Balweg: Fangasan, Morgan bring out historical highlights on Fil-Am Friendship Day

A SIZABLE gathering of Baguio people converged at the Baguio Rizal park Tuesday July 4, to celebrate Filipino-American Friendship Day, thanks to the efforts of the major elderly organizations FBASECA, PGREA, BARP, and Philippine Veterans CAR Indomitable “Nars” Padilla effectively banded these nongovernment organizations together with the active participation of the BCNHS band members and various dance and singing outfits.

What caught my attention to the Part II of the scheduled program were two of the speakers, namely, Elizabeth Fangasan of the Department of Social Welfare and Development Office and denominational missionary Pastor Morgan.

Betty Fangaasan gave the following pieces of information. Starting from 1946 to 1964, she began, Philippine Independence Day or Araw ng Kalayaan was observed on the fourth of July.

It thus coincided with the Independence Day of the United States of America (USA) This is the day when the United States formally recognized the Philippines as an independent state,” she said.

On July 4, 1964, then President Diosdado Macapagal, through Republic Act 4166, moved the celebration of Araw ng Kalayaan to the date on which the Philippines had declared its independence from Spain in 1898, thus effectively changing the date of Philippine Independence Day to June 12.

When President Fidel Valdez Ramos took over the Philippine presidency, he declared July 4, as the Fil-American Friendship Day to commemorate the liberation of the country by the joint Filipino and American forces from the Japanese occupation at the end of World War II. That, according the Fangasan, is why we now celebrate July 4 as Philippine-American Friendship Day.

For her, this celebration is meant to remind us and Americans of our two country’s long standing friendship. This friendship developed after the forces of the first Philippine Republic were defeated by those of the United States and our archipelago became an American colony.

The Philippines, the speaker continued, and the United States maintained their closeness that soon came to be described as special relationship.

She reminded that we from Baguio City are very lucky for majority of the development are made through the Americans who colonized the City. Economic and infrastructure developments are visible still now.

Majority, if not all our streets, roads, and parks have been named after Americans, like Kennon Road, Gov. Pack Road, Leonard Wood Road, Session Road, that still persist today. Architect Daniel Burnham planned and designed the city’s development, including world-renowned Burnham Park.

Parenthically, we could add that Fr. Conrado Balweg could not imagine a Cordillera autonomous region without Baguio and Burnham Park.

To resume with Fangasan’s observation, we also owe the Americans education in our locality. Our elders became fluent in English although they did not attend formal school.

With the work of the American educators, Baguio City became known as Education Center of the North and that remains to this day. Students from nearby provinces and other regions come to Baguio to study because of the noted good quality and high standard of education being provided.

Malcolm Square remind us of Judge Malcolm: William Bell Smith started Camp John Hay with the Bell Amphitheater and so on.

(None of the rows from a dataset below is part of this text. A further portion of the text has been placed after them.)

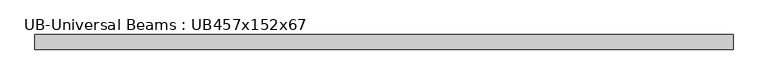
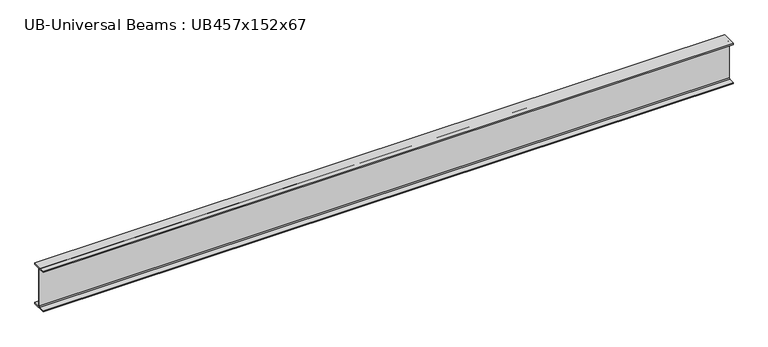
"""IFC4 building model written with IfcOpenShell, lengths in millimetres: beam geometry, UB-Universal Beams : UB457x152x67."""

import ifcopenshell
import ifcopenshell.guid

model = None  # the IFC model being written
_history = None  # IfcOwnerHistory: only IFC2X3 demands one
_inside = {}  # id of a spatial element -> (the spatial element, [elements in it])
_under = {}  # id of a project, library or spatial element -> (it, [spatial elements below it])
_declared = {}  # id of a project -> (the project, [libraries it declares])
_typed = {}  # id of a type object -> (the type object, [elements of that type])
_made_of = {}  # id of a material, layer set ... -> (it, [elements and type objects made of it])


def new_model(schema):
    """Start an empty IFC model of exactly this schema.

    Asked for "IFC4X3", IfcOpenShell would pick the latest addendum, in which some entities
    have other attributes; the version numbers below select the first issue.
    IFC2X3 requires an IfcOwnerHistory on every rooted entity: one is made here for all.
    """
    global model, _history
    if schema == "IFC4X3":
        model = ifcopenshell.file(schema_version=(4, 3, 0, 0))
    else:
        model = ifcopenshell.file(schema=schema)
    _inside.clear()
    _under.clear()
    _declared.clear()
    _typed.clear()
    _made_of.clear()
    _history = None
    if model.schema == "IFC2X3":
        org = make("IfcOrganization", Name="unknown")
        user = make(
            "IfcPersonAndOrganization",
            ThePerson=make("IfcPerson", FamilyName="unknown"),
            TheOrganization=org,
        )
        app = make(
            "IfcApplication",
            ApplicationDeveloper=org,
            Version="unknown",
            ApplicationFullName="unknown",
            ApplicationIdentifier="unknown",
        )
        _history = make(
            "IfcOwnerHistory",
            OwningUser=user,
            OwningApplication=app,
            ChangeAction="ADDED",
            CreationDate=0,
        )
    return model


def make(cls, **values):
    """One entity of the class cls with the attributes given. An attribute that is None is left unset."""
    return model.create_entity(
        cls, **{name: value for name, value in values.items() if value is not None}
    )


def rooted(cls, **values):
    """An entity with a GlobalId (a new one), such as an element, a storey or a relation."""
    return make(cls, GlobalId=ifcopenshell.guid.new(), OwnerHistory=_history, **values)


def si_unit(unit_type, name, prefix=None):
    """IfcSIUnit, for example si_unit("LENGTHUNIT", "METRE", prefix="MILLI")."""
    return make("IfcSIUnit", UnitType=unit_type, Prefix=prefix, Name=name)


def assignment(units):
    """IfcUnitAssignment: the units of a project."""
    return None if units is None else make("IfcUnitAssignment", Units=units)


def point(xyz):
    """IfcCartesianPoint."""
    return None if xyz is None else make("IfcCartesianPoint", Coordinates=xyz)


def direction(xyz):
    """IfcDirection."""
    return None if xyz is None else make("IfcDirection", DirectionRatios=xyz)


def frame(location, z_axis=None, x_axis=None):
    """IfcAxis2Placement3D, a coordinate frame: its origin and axes. An axis left out is left unset."""
    return make(
        "IfcAxis2Placement3D",
        Location=point(location),
        Axis=direction(z_axis),
        RefDirection=direction(x_axis),
    )


def frame_2d(location, x_axis=None):
    """IfcAxis2Placement2D, a coordinate frame in the plane: its origin and x axis."""
    return make(
        "IfcAxis2Placement2D", Location=point(location), RefDirection=direction(x_axis)
    )


def origin():
    """The frame at (0, 0, 0) with its axes left unset."""
    return frame((0.0, 0.0, 0.0))


def place(relative_to, where):
    """IfcLocalPlacement: puts the frame where relative to a parent placement (None: the world)."""
    return make(
        "IfcLocalPlacement", PlacementRelTo=relative_to, RelativePlacement=where
    )


def context(
    kind, dimensions, precision=None, world=None, true_north=None, identifier=None
):
    """IfcGeometricRepresentationContext, for example the 3D "Model" context."""
    return make(
        "IfcGeometricRepresentationContext",
        ContextIdentifier=identifier,
        ContextType=kind,
        CoordinateSpaceDimension=dimensions,
        Precision=precision,
        WorldCoordinateSystem=world,
        TrueNorth=true_north,
    )


def project(units=None, contexts=None):
    """IfcProject with its units and contexts."""
    return rooted(
        "IfcProject",
        Name="project",
        RepresentationContexts=contexts,
        UnitsInContext=assignment(units),
    )


def spatial(cls, under=None, at=None, **own):
    """A site, building, storey or space (cls), placed at a placement, below another one or the project."""
    s = rooted(cls, ObjectPlacement=at, **own)
    if under is not None:
        _under.setdefault(under.id(), (under, []))[1].append(s)
    return s


def polyline(points):
    """IfcPolyline through the points."""
    return make("IfcPolyline", Points=[point(p) for p in points])


def circle_curve(where, radius):
    """IfcCircle in the frame where."""
    return make("IfcCircle", Position=where, Radius=radius)


def trimmed(basis, trim1, trim2, sense, master):
    """IfcTrimmedCurve: the piece of a basis curve between two trims."""
    return make(
        "IfcTrimmedCurve",
        BasisCurve=basis,
        Trim1=trim1,
        Trim2=trim2,
        SenseAgreement=sense,
        MasterRepresentation=master,
    )


def segment(curve, same_sense, transition):
    """IfcCompositeCurveSegment."""
    return make(
        "IfcCompositeCurveSegment",
        Transition=transition,
        SameSense=same_sense,
        ParentCurve=curve,
    )


def composite_curve(segments, self_intersect=None):
    """IfcCompositeCurve: segments joined end to end."""
    return make("IfcCompositeCurve", Segments=segments, SelfIntersect=self_intersect)


def outline(outer, holes=None, kind="AREA"):
    """IfcArbitraryClosedProfileDef: a profile drawn as a closed curve; with holes, ...WithVoids."""
    if holes is None:
        return make("IfcArbitraryClosedProfileDef", ProfileType=kind, OuterCurve=outer)
    return make(
        "IfcArbitraryProfileDefWithVoids",
        ProfileType=kind,
        OuterCurve=outer,
        InnerCurves=holes,
    )


def extrude(swept, where, along, depth):
    """IfcExtrudedAreaSolid: the profile swept, set in the frame where, extruded along a direction by depth."""
    return make(
        "IfcExtrudedAreaSolid",
        SweptArea=swept,
        Position=where,
        ExtrudedDirection=direction(along),
        Depth=depth,
    )


def shape(context_of_items, identifier, shape_type, items):
    """IfcShapeRepresentation: the items that make up one representation, for example the "Body"."""
    return make(
        "IfcShapeRepresentation",
        ContextOfItems=context_of_items,
        RepresentationIdentifier=identifier,
        RepresentationType=shape_type,
        Items=items,
    )


def source(mapping_origin, context_of_items, identifier, shape_type, items):
    """IfcRepresentationMap: a shape defined once, which mapped items show again and again."""
    return make(
        "IfcRepresentationMap",
        MappingOrigin=mapping_origin,
        MappedRepresentation=shape(context_of_items, identifier, shape_type, items),
    )


def transform(
    local_origin,
    x_axis=None,
    y_axis=None,
    z_axis=None,
    scale=None,
    scale2=None,
    scale3=None,
    uniform=True,
):
    """IfcCartesianTransformationOperator3D, or its non-uniform kind. x_axis, y_axis, z_axis: its Axis1, 2, 3."""
    if uniform:
        return make(
            "IfcCartesianTransformationOperator3D",
            Axis1=direction(x_axis),
            Axis2=direction(y_axis),
            LocalOrigin=point(local_origin),
            Scale=scale,
            Axis3=direction(z_axis),
        )
    return make(
        "IfcCartesianTransformationOperator3DnonUniform",
        Axis1=direction(x_axis),
        Axis2=direction(y_axis),
        LocalOrigin=point(local_origin),
        Scale=scale,
        Axis3=direction(z_axis),
        Scale2=scale2,
        Scale3=scale3,
    )


def mapped(mapping_source, mapping_target):
    """IfcMappedItem: shows the shape of a source again, moved by a transform."""
    return make(
        "IfcMappedItem", MappingSource=mapping_source, MappingTarget=mapping_target
    )


def made_of(thing, what):
    """Note that an element or type object is made of a material, layer set ...; save() writes the relation."""
    if what is not None:
        _made_of.setdefault(what.id(), (what, []))[1].append(thing)
    return thing


def element(
    cls,
    number,
    at=None,
    inside=None,
    cuts=None,
    type_object=None,
    material=None,
    context=None,
    identifier="Body",
    shape_type=None,
    held_by="IfcProductDefinitionShape",
    body=None,
    shapes=None,
    **own,
):
    """One element of the class cls, such as IfcWall. Its Tag is "e" and its number.

    at: its placement. inside: the storey or other place that contains it. cuts: it is an
    opening in that element (IfcRelVoidsElement). A single representation is given by context,
    identifier, shape_type and body (its items); several are given by shapes. held_by: the class
    of the entity that holds the representations. save() writes the other relations.
    """
    e = rooted(cls, Tag="e%d" % number, ObjectPlacement=at, **own)
    if body is not None:
        shapes = [shape(context, identifier, shape_type, body)]
    if shapes is not None:
        e.Representation = make(held_by, Representations=shapes)
    if inside is not None:
        _inside.setdefault(inside.id(), (inside, []))[1].append(e)
    if cuts is not None:
        rooted(
            "IfcRelVoidsElement", RelatingBuildingElement=cuts, RelatedOpeningElement=e
        )
    if type_object is not None:
        _typed.setdefault(type_object.id(), (type_object, []))[1].append(e)
    return made_of(e, material)


def aggregate(whole, parts):
    """IfcRelAggregates: a whole, such as a stair, and the parts it consists of."""
    return rooted("IfcRelAggregates", RelatingObject=whole, RelatedObjects=parts)


def save(model, path):
    """Write the relations noted so far, then the file.

    IfcRelAggregates (storeys below a building ...), IfcRelContainedInSpatialStructure (elements
    in a storey), IfcRelDefinesByType, IfcRelAssociatesMaterial and IfcRelDeclares: one each for
    every whole, place, type object, material and project.
    """
    for whole, parts in _under.values():
        aggregate(whole, parts)
    for where, things in _inside.values():
        rooted(
            "IfcRelContainedInSpatialStructure",
            RelatedElements=things,
            RelatingStructure=where,
        )
    for kind, things in _typed.values():
        rooted("IfcRelDefinesByType", RelatedObjects=things, RelatingType=kind)
    for what, things in _made_of.values():
        rooted("IfcRelAssociatesMaterial", RelatedObjects=things, RelatingMaterial=what)
    for by, libraries in _declared.values():
        rooted("IfcRelDeclares", RelatingContext=by, RelatedDefinitions=libraries)
    model.write(path)


def ub_universal_beams_ub457x152x67_86edb436(model_context):
    return source(origin(), model_context, "Body", "SweptSolid", [
        extrude(outline(composite_curve([segment(polyline([(76.9, -214.0), (76.9, -229.0), (-76.9, -229.0), (-76.9, -214.0), (-14.7, -214.0)]), True, "CONTINUOUS"), segment(trimmed(circle_curve(frame_2d((-14.7, -203.8)), 10.2), [point((-14.7, -214.0))], [point((-4.5, -203.8))], True, "CARTESIAN"), True, "CONTINUOUS"), segment(polyline([(-4.5, -203.8), (-4.5, 203.8)]), True, "CONTINUOUS"), segment(trimmed(circle_curve(frame_2d((-14.7, 203.8)), 10.2), [point((-4.5, 203.8))], [point((-14.7, 214.0))], True, "CARTESIAN"), True, "CONTINUOUS"), segment(polyline([(-14.7, 214.0), (-76.9, 214.0), (-76.9, 229.0), (76.9, 229.0), (76.9, 214.0), (14.7, 214.0)]), True, "CONTINUOUS"), segment(trimmed(circle_curve(frame_2d((14.7, 203.8)), 10.2), [point((14.7, 214.0))], [point((4.5, 203.8))], True, "CARTESIAN"), True, "CONTINUOUS"), segment(polyline([(4.5, 203.8), (4.5, -203.8)]), True, "CONTINUOUS"), segment(trimmed(circle_curve(frame_2d((14.7, -203.8)), 10.2), [point((4.5, -203.8))], [point((14.7, -214.0))], True, "CARTESIAN"), True, "CONTINUOUS"), segment(polyline([(14.7, -214.0), (76.9, -214.0)]), True, "CONTINUOUS")], self_intersect=False)), frame((-3674.8, 0.0, 0.0), z_axis=(1.0, 0.0, 0.0), x_axis=(0.0, 1.0, 0.0)), (0.0, 0.0, 1.0), 7342.6),
    ])


if __name__ == "__main__":
    model = new_model("IFC4")
    model_context = context("Model", 3, world=origin())
    ifc_project = project(units=[si_unit("LENGTHUNIT", "METRE", prefix="MILLI")], contexts=[model_context])
    site = spatial("IfcSite", under=ifc_project)
    building = spatial("IfcBuilding", under=site)
    placement = place(None, origin())
    ub_universal_beams_ub457x152x67_shape = ub_universal_beams_ub457x152x67_86edb436(model_context)
    element("IfcBeam", 1, ObjectType="UB-Universal Beams : UB457x152x67", at=placement, inside=building, context=model_context, shape_type="MappedRepresentation", body=[
        mapped(ub_universal_beams_ub457x152x67_shape, transform((0.0, 0.0, 0.0), x_axis=(1.0, 0.0, 0.0), y_axis=(0.0, 1.0, 0.0), z_axis=(0.0, 0.0, 1.0))),
    ])
    save(model, "model.ifc")

Pastor William Morgan told of the mutual developmental influence of the US and the Philippines on one another. He recounted that the US introduced freedom of religion that was not the case under ruler Spain; free education, was also not taken care of under the previous colonizer. The use of jeeps for transportation and of course, the republican form of government are a legacy they the American gave us.

Reversing the source of influence, speaker Morgan mentioned several items wherein the Philippines positively inputted into American life, economic and cultural. First of all, he brought out the Filipinos role in bringing to the US nurses and agricultural workers, like the apple pickers of California and the sugar and pineapple planters of Hawaii.

The audience clapped when he told them of the Filipino contribution on US American language, concluding with the surprising information that Tagalog is now the fifth language actually spoken in the U.S.A. at present because of the Filipinos there.

He mentioned others more but these are commonly known, such as technicians and sportsmen that included even in wrestling and NBA basketball.

I don’t remember him mentioning about military men but said freedom of religion has produced more churches and a bustling missionary zeal for the spread of Christ’s gospel.